WCB provides premium relief to support economic recovery
Regina, Sask., Oct. 29, 2020 – On Oct. 28, the Saskatchewan Workers’ Compensation Board (WCB) announced there will be a board level hold on the 2021 average employer premium rate. Because of the economic impacts of the ongoing COVID-19 pandemic, the WCB is proposing to hold its 2021 preliminary average premium rate at $1.17 per hundred dollars of payroll – the same rate as 2020. The announcement was made Oct. 28 at the WCB’s annual preliminary rate information meeting teleconference with Saskatchewan employers, workers and stakeholders.
“The two key drivers of the premium rate are claims costs and payroll. Claims costs are historically on the rise and, due to COVID-19 in 2020, payroll is down in Saskatchewan, similar to most other provinces,” said the WCB’s CEO Phil Germain. “With certain industries, employers and workers dealing with the financial stress associated with COVID-19, the board has looked at how to help employers manage the ongoing impact of the COVID-19 pandemic and keep this economy moving forward. To do this, we are proposing to hold the 2021 average rate.”
Under the WCB’s rate model, the WCB calculated the 2021 average preliminary required rate to be $1.23 per hundred dollars of payroll without the board level hold.
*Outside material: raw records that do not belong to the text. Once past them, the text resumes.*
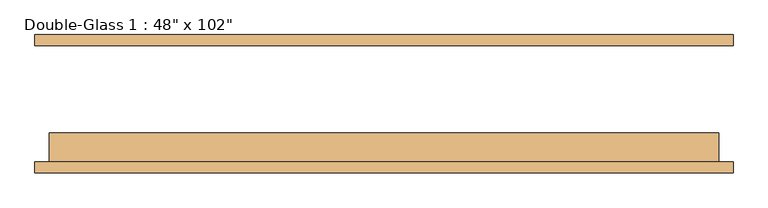
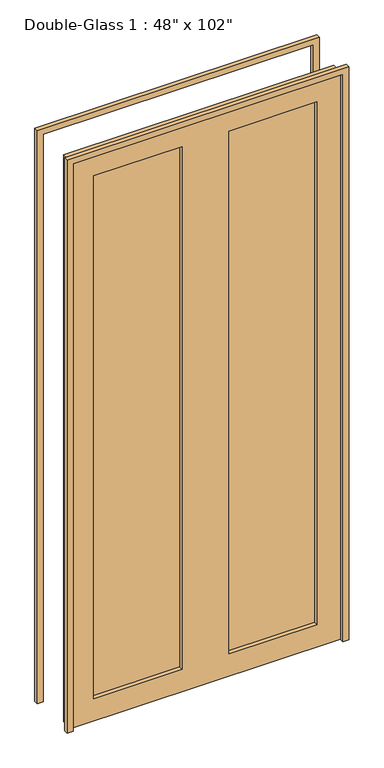
"""IFC4 building model written with IfcOpenShell, lengths in millimetres: door geometry."""

from ifc_helpers import new_model, si_unit, frame, origin, place, context, project, spatial, polyline, outline, extrude, source, transform, mapped, element, save


def door_378294fd(model_context):
    return source(origin(), model_context, "Body", "SweptSolid", [
        extrude(outline(polyline([(0.0, 609.6), (2616.2, 609.6), (2616.2, -609.6), (0.0, -609.6), (0.0, -584.2), (2590.8, -584.2), (2590.8, 584.2), (0.0, 584.2), (0.0, 609.6)])), frame((0.0, 99.21875, 0.0), z_axis=(0.0, 1.0, 0.0), x_axis=(0.0, 0.0, 1.0)), (0.0, 0.0, 1.0), 19.05),
        extrude(outline(polyline([(2590.8, 584.2), (0.0, 584.2), (0.0, 609.6), (2616.2, 609.6), (2616.2, -609.6), (0.0, -609.6), (0.0, -584.2), (2590.8, -584.2), (2590.8, 584.2)])), frame((0.0, -123.03125, 0.0), z_axis=(0.0, 1.0, 0.0), x_axis=(0.0, 0.0, 1.0)), (0.0, 0.0, 1.0), 19.05),
        extrude(outline(polyline([(482.6, -78.58125), (482.6, -85.725), (101.6, -85.725), (101.6, -78.58125), (482.6, -78.58125)])), frame((0.0, 0.0, 101.6), z_axis=(0.0, 0.0, 1.0), x_axis=(1.0, 0.0, 0.0)), (0.0, 0.0, 1.0), 2387.6),
        extrude(outline(polyline([(-101.6, -78.58125), (-101.6, -85.725), (-482.6, -85.725), (-482.6, -78.58125), (-101.6, -78.58125)])), frame((0.0, 0.0, 101.6), z_axis=(0.0, 0.0, 1.0), x_axis=(1.0, 0.0, 0.0)), (0.0, 0.0, 1.0), 2387.6),
        extrude(outline(polyline([(2590.8, 584.2), (2590.8, -584.2), (0.0, -584.2), (0.0, 584.2), (2590.8, 584.2)]), holes=[polyline([(2489.2, -101.6), (101.6, -101.6), (101.6, -482.6), (2489.2, -482.6), (2489.2, -101.6)]), polyline([(2489.2, 482.6), (101.6, 482.6), (101.6, 101.6), (2489.2, 101.6), (2489.2, 482.6)])]), frame((0.0, -103.98125, 0.0), z_axis=(0.0, 1.0, 0.0), x_axis=(0.0, 0.0, 1.0)), (0.0, 0.0, 1.0), 50.8),
    ])


if __name__ == "__main__":
    model = new_model("IFC4")
    model_context = context("Model", 3, world=origin())
    ifc_project = project(units=[si_unit("LENGTHUNIT", "METRE", prefix="MILLI")], contexts=[model_context])
    site = spatial("IfcSite", under=ifc_project)
    building = spatial("IfcBuilding", under=site)
    placement = place(None, origin())
    door_shape = door_378294fd(model_context)
    element("IfcDoor", 1, ObjectType="Double-Glass 1 : 48\" x 102\"", at=placement, inside=building, context=model_context, shape_type="MappedRepresentation", body=[
        mapped(door_shape, transform((0.0, 0.0, 0.0), x_axis=(1.0, 0.0, 0.0), y_axis=(0.0, 1.0, 0.0), z_axis=(0.0, 0.0, 1.0))),
    ])
    save(model, "model.ifc")

# Revit data of these elements
# Type "Double-Glass 1 : 48\" x 102\""
#   Type Mark = "30"
#   Assembly Code = "C1020"
#   Thickness = 0' - 2"
#   Height = 8' - 6"
#   Rail Width - Base = 0' - 4"
#   Rail Width - Top = 0' - 4"
#   Stile Width - Hinge = 0' - 4"
#   Stile Width - Latch = 0' - 4"
#   Trim Projection = 0' - 0 3/4"
#   Trim Width = 0' - 1"
#   Width = 3' - 10"
#   Door Material = Door - Panel
#   Frame Material = Door - Frame
#   Function = (empty or 0)
#   Wall Closure = (empty or 0)
# Element 1 (IfcDoor, "Double-Glass 1 : 48\" x 102\"")
#   Materials on its faces: "Door - Frame", "Door - Panel", "Glass"
# Materials
#   "Door - Panel": class "Wood", colour RGB 210 159 95, transparency 0
#   "Door - Frame": class "Miscellaneous", colour RGB 118 70 51, transparency 0
#   "Glass": class "Glass", colour RGB 0 128 192, transparency 0.75

The increase is partially because of the economic slowdown caused by COVID-19 and an increase in compensation and health-care costs. Given the level of uncertainty surrounding the future of the pandemic, the WCB is proposing a hold for 2021 and won’t pass those costs onto employers. By holding the rate at $1.17, the WCB will save employers approximately $13.4 million in 2021 premiums. The premiums collected are not expected to cover estimated costs in 2021, which will result in a loss from operations and reduce the Injury Fund. “The 2021 hold on the average premium rate is temporary and employers should expect rate increases in the future, as early as 2022,” said Germain. “Projecting payroll and costs for 2021 was challenging. The forecasting process developed post-pandemic projections based on pre-pandemic experiences. The board is financially sound to absorb the cost increases in 2021, but cannot continue this practice in future years.”